Of course, the election won’t come down to a battle of the economic all-stars. And again, Gore tried to subtly — or as subtly as Gore is ever able to be, really — drive home the point that not only does he have the fairer plan, but he has a bit more candle wattage than the Texas governor. Rubin referred to the need for a president who understands the complexities of the new economy, lauding Gore for offering a level of detail in his economic plan that no presidential candidate in his memory had ever tried to do. Gore held up a pretty blue book, “Prosperity for America’s Families,” not only “writ[ing] a new chapter” in history but “actually writing 12 new chapters.”
The 191-page book (including endnotes) will probably be read only by Bush opposition researchers; still, Gore’s implicit message was both that he’s a tad better prepared for the job and that he’s laying out the details of his plan in a way that Bush hasn’t.

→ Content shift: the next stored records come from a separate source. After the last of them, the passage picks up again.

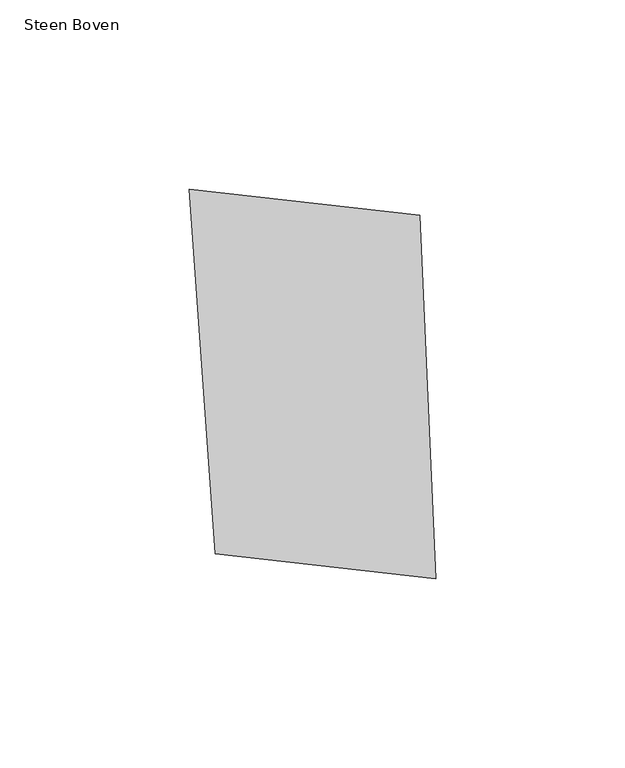
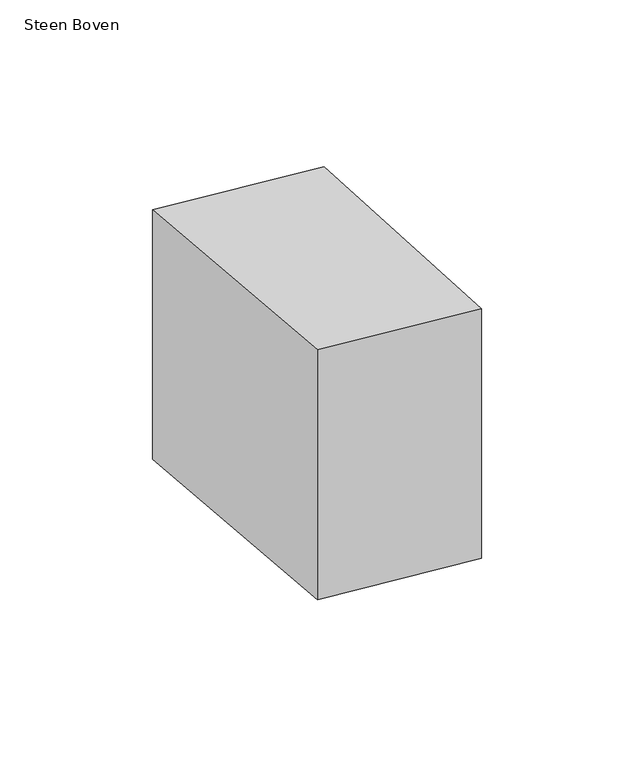
"""IFC4 building model written with IfcOpenShell, lengths in millimetres: proxy geometry, 00_GMA_steen_versie_4 : Steen Boven."""

from ifc_helpers import new_model, si_unit, origin, origin_with_axes, place, context, project, spatial, polyline, outline, extrude, source, transform, mapped, element, save


def steen_boven_65cc402e(model_context):
    return source(origin(), model_context, "Body", "SweptSolid", [
        extrude(outline(polyline([(98.3974268, 119.7245883), (102.5559242, 23.5856348), (44.2174986, 30.1644925), (37.3581209, 126.6291169), (98.3974268, 119.7245883)])), origin_with_axes(), (0.0, 0.0, 1.0), 100.0),
    ])


if __name__ == "__main__":
    model = new_model("IFC4")
    model_context = context("Model", 3, world=origin())
    ifc_project = project(units=[si_unit("LENGTHUNIT", "METRE", prefix="MILLI")], contexts=[model_context])
    site = spatial("IfcSite", under=ifc_project)
    building = spatial("IfcBuilding", under=site)
    placement = place(None, origin())
    steen_boven_shape = steen_boven_65cc402e(model_context)
    element("IfcBuildingElementProxy", 1, Name="00_GMA_steen_versie_4 : Steen Boven", ObjectType="00_GMA_steen_versie_4 : Steen Boven", at=placement, inside=building, context=model_context, shape_type="MappedRepresentation", body=[
        mapped(steen_boven_shape, transform((0.0, 0.0, 0.0), x_axis=(1.0, 0.0, 0.0), y_axis=(0.0, 1.0, 0.0), z_axis=(0.0, 0.0, 1.0))),
    ])
    save(model, "model.ifc")

# Revit data of these elements
# Type "00_GMA_steen_versie_4 : Steen Boven"
#   StootVoegHalfBoven [instance default] = 5 mm
#   StootVoegHalf [instance default] = 5 mm
#   StootVoegBreedteOnder = 10 mm
#   StootVoegBreedteBoven = 10 mm
#   Steendikte = 100 mm
#   LintVoegOnderHalf = 5 mm
#   LintVoegOnder = 10 mm
#   LintVoegBovenHalf = 0 mm
#   LintVoegBoven = 0 mm
#   materiaal = none
#   MateriaalVoeg = none
#   Default Elevation = 0

Bush’s recent insistence on having the presidential debates viewed by as small an audience as possible (unlike Gore, he wants them to be 60, instead of 90, minutes and on one network at a time, not all of them) hasn’t helped him combat this impression.
Interestingly, and with alarming disingenuousness, Bush even unveiled a campaign ad today that slams Gore for not abiding by his acceptance of debates on CNN’s “Larry King Live” and NBC’s “Meet the Press With Tim Russert.” The ad is factual in its details — Gore did, in fact, accept Russert’s and King’s invitations unconditionally, even cockily — but totally outrageous in its general assertion that Bush wants to debate and Gore is ducking the challenge.
If he could, Bush would probably insist that the debates be broadcast at 3:30 a.m. on the WB network.
Gore, meanwhile, seems content to let the public sort out who is right on the debates. Now he’s focusing on establishing his own gravitas, while implicitly pointing out his opponent’s alleged lack thereof.
The book conjured up memories of the 1992 Clinton-Gore campaign’s novella “Putting People First,” even more so when Gore told the audience to “read my plan” — a line he pinched from Clinton, who, while debating Bush’s daddy on Oct. 19, 1992, slammed the then president by saying, “I am not going to tell you, ‘Read my lips’ … Read my plan.”
Cleveland State University, where Gore delivered his speech, is home to what school administrators laud as a “brainy” wrestling team. The singlet-clad Vikings placed first academically among all public-institution wrestling teams, and seventh academically among both public and private college wrestling teams in the U.S. — one place ahead of Gore’s alma mater, Harvard. So maybe it was an appropriate setting for Gore to engage in some brainy wrestling of his own. Whether he will be able to accomplish even half of his wish list is almost beside the point.